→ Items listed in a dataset
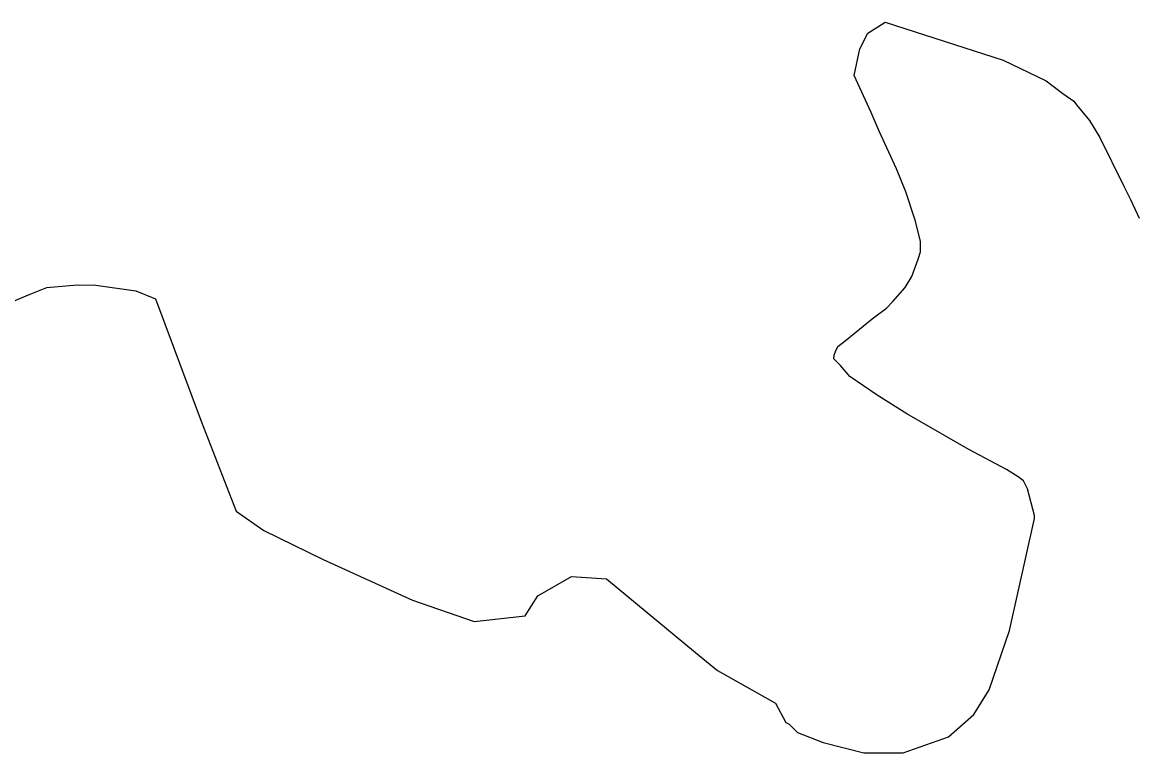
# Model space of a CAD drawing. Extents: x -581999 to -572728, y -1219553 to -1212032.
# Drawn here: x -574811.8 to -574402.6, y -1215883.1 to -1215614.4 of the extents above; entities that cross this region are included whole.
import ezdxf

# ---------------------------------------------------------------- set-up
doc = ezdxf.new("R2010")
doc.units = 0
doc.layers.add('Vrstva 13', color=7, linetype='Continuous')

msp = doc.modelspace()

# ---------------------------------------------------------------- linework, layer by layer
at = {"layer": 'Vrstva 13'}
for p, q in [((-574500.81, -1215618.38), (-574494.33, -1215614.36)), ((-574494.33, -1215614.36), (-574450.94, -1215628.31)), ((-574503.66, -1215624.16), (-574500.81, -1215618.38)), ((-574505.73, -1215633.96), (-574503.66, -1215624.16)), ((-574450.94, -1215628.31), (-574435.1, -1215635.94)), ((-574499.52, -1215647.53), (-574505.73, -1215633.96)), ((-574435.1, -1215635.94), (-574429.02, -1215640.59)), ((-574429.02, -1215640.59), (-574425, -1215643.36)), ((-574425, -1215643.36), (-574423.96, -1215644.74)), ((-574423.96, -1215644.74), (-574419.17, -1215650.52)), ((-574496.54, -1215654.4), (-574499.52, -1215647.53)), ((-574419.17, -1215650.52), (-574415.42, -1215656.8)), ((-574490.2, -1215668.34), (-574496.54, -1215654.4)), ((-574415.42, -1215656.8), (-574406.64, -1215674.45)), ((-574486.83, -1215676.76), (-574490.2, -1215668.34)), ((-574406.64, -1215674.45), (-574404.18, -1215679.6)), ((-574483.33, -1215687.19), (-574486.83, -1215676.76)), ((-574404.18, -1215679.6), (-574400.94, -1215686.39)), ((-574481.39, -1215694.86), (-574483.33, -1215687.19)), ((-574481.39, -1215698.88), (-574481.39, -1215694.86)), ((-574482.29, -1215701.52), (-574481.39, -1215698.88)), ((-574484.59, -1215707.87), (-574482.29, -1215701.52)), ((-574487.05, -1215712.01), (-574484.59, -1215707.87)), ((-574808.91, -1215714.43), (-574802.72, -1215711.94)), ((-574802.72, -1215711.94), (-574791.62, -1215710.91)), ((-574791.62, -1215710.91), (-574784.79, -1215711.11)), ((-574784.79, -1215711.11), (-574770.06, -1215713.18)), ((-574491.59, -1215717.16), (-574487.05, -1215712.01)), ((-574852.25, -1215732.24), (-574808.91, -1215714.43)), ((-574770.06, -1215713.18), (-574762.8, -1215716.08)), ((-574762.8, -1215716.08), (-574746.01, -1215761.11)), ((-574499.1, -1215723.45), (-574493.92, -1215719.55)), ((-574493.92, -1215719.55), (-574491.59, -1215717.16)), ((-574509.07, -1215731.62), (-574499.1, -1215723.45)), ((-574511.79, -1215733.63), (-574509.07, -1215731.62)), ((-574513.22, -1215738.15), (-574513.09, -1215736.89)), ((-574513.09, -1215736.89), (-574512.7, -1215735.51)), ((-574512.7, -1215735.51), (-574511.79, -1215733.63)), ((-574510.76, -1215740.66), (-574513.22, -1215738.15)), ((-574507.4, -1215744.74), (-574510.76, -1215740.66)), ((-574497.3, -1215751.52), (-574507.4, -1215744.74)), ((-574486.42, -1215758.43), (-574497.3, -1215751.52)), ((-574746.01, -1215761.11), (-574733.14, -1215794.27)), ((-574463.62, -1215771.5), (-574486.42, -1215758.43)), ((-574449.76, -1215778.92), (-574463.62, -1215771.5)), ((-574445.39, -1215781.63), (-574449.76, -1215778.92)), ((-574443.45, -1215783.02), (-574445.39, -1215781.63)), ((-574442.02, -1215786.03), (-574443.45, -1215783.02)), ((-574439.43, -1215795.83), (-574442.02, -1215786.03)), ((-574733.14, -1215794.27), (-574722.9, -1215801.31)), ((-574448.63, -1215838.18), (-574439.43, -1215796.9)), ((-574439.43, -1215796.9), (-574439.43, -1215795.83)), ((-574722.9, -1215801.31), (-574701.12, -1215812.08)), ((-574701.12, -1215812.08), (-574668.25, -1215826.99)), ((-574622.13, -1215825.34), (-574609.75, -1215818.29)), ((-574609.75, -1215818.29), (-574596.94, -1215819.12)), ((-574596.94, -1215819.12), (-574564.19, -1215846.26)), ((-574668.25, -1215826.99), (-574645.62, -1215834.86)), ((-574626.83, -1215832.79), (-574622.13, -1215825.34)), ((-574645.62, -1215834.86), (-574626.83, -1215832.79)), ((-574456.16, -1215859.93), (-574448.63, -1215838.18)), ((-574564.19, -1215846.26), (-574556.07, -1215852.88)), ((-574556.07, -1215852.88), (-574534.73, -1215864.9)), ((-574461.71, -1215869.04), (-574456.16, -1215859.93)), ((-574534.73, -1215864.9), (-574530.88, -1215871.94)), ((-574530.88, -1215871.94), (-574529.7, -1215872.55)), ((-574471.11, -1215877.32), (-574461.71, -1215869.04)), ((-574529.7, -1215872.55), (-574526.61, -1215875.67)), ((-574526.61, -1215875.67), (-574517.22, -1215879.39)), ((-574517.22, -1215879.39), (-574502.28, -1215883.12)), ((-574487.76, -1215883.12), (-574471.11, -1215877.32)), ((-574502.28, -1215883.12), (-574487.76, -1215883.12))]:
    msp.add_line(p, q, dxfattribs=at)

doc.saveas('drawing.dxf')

→ ABOUT THIS TASK
Please retype the records above exactly, excluding every picture.

→ ANSWER SECTION
# Model space of a CAD drawing. Extents: x -581999 to -572728, y -1219553 to -1212032.
# Drawn here: x -574811.8 to -574402.6, y -1215883.1 to -1215614.4 of the extents above; entities that cross this region are included whole.
import ezdxf

# ---------------------------------------------------------------- set-up
doc = ezdxf.new("R2010")
doc.units = 0
doc.layers.add('Vrstva 13', color=7, linetype='Continuous')

msp = doc.modelspace()

# ---------------------------------------------------------------- linework, layer by layer
at = {"layer": 'Vrstva 13'}
for p, q in [((-574500.81, -1215618.38), (-574494.33, -1215614.36)), ((-574494.33, -1215614.36), (-574450.94, -1215628.31)), ((-574503.66, -1215624.16), (-574500.81, -1215618.38)), ((-574505.73, -1215633.96), (-574503.66, -1215624.16)), ((-574450.94, -1215628.31), (-574435.1, -1215635.94)), ((-574499.52, -1215647.53), (-574505.73, -1215633.96)), ((-574435.1, -1215635.94), (-574429.02, -1215640.59)), ((-574429.02, -1215640.59), (-574425, -1215643.36)), ((-574425, -1215643.36), (-574423.96, -1215644.74)), ((-574423.96, -1215644.74), (-574419.17, -1215650.52)), ((-574496.54, -1215654.4), (-574499.52, -1215647.53)), ((-574419.17, -1215650.52), (-574415.42, -1215656.8)), ((-574490.2, -1215668.34), (-574496.54, -1215654.4)), ((-574415.42, -1215656.8), (-574406.64, -1215674.45)), ((-574486.83, -1215676.76), (-574490.2, -1215668.34)), ((-574406.64, -1215674.45), (-574404.18, -1215679.6)), ((-574483.33, -1215687.19), (-574486.83, -1215676.76)), ((-574404.18, -1215679.6), (-574400.94, -1215686.39)), ((-574481.39, -1215694.86), (-574483.33, -1215687.19)), ((-574481.39, -1215698.88), (-574481.39, -1215694.86)), ((-574482.29, -1215701.52), (-574481.39, -1215698.88)), ((-574484.59, -1215707.87), (-574482.29, -1215701.52)), ((-574487.05, -1215712.01), (-574484.59, -1215707.87)), ((-574808.91, -1215714.43), (-574802.72, -1215711.94)), ((-574802.72, -1215711.94), (-574791.62, -1215710.91)), ((-574791.62, -1215710.91), (-574784.79, -1215711.11)), ((-574784.79, -1215711.11), (-574770.06, -1215713.18)), ((-574491.59, -1215717.16), (-574487.05, -1215712.01)), ((-574852.25, -1215732.24), (-574808.91, -1215714.43)), ((-574770.06, -1215713.18), (-574762.8, -1215716.08)), ((-574762.8, -1215716.08), (-574746.01, -1215761.11)), ((-574499.1, -1215723.45), (-574493.92, -1215719.55)), ((-574493.92, -1215719.55), (-574491.59, -1215717.16)), ((-574509.07, -1215731.62), (-574499.1, -1215723.45)), ((-574511.79, -1215733.63), (-574509.07, -1215731.62)), ((-574513.22, -1215738.15), (-574513.09, -1215736.89)), ((-574513.09, -1215736.89), (-574512.7, -1215735.51)), ((-574512.7, -1215735.51), (-574511.79, -1215733.63)), ((-574510.76, -1215740.66), (-574513.22, -1215738.15)), ((-574507.4, -1215744.74), (-574510.76, -1215740.66)), ((-574497.3, -1215751.52), (-574507.4, -1215744.74)), ((-574486.42, -1215758.43), (-574497.3, -1215751.52)), ((-574746.01, -1215761.11), (-574733.14, -1215794.27)), ((-574463.62, -1215771.5), (-574486.42, -1215758.43)), ((-574449.76, -1215778.92), (-574463.62, -1215771.5)), ((-574445.39, -1215781.63), (-574449.76, -1215778.92)), ((-574443.45, -1215783.02), (-574445.39, -1215781.63)), ((-574442.02, -1215786.03), (-574443.45, -1215783.02)), ((-574439.43, -1215795.83), (-574442.02, -1215786.03)), ((-574733.14, -1215794.27), (-574722.9, -1215801.31)), ((-574448.63, -1215838.18), (-574439.43, -1215796.9)), ((-574439.43, -1215796.9), (-574439.43, -1215795.83)), ((-574722.9, -1215801.31), (-574701.12, -1215812.08)), ((-574701.12, -1215812.08), (-574668.25, -1215826.99)), ((-574622.13, -1215825.34), (-574609.75, -1215818.29)), ((-574609.75, -1215818.29), (-574596.94, -1215819.12)), ((-574596.94, -1215819.12), (-574564.19, -1215846.26)), ((-574668.25, -1215826.99), (-574645.62, -1215834.86)), ((-574626.83, -1215832.79), (-574622.13, -1215825.34)), ((-574645.62, -1215834.86), (-574626.83, -1215832.79)), ((-574456.16, -1215859.93), (-574448.63, -1215838.18)), ((-574564.19, -1215846.26), (-574556.07, -1215852.88)), ((-574556.07, -1215852.88), (-574534.73, -1215864.9)), ((-574461.71, -1215869.04), (-574456.16, -1215859.93)), ((-574534.73, -1215864.9), (-574530.88, -1215871.94)), ((-574530.88, -1215871.94), (-574529.7, -1215872.55)), ((-574471.11, -1215877.32), (-574461.71, -1215869.04)), ((-574529.7, -1215872.55), (-574526.61, -1215875.67)), ((-574526.61, -1215875.67), (-574517.22, -1215879.39)), ((-574517.22, -1215879.39), (-574502.28, -1215883.12)), ((-574487.76, -1215883.12), (-574471.11, -1215877.32)), ((-574502.28, -1215883.12), (-574487.76, -1215883.12))]:
    msp.add_line(p, q, dxfattribs=at)

doc.saveas('drawing.dxf')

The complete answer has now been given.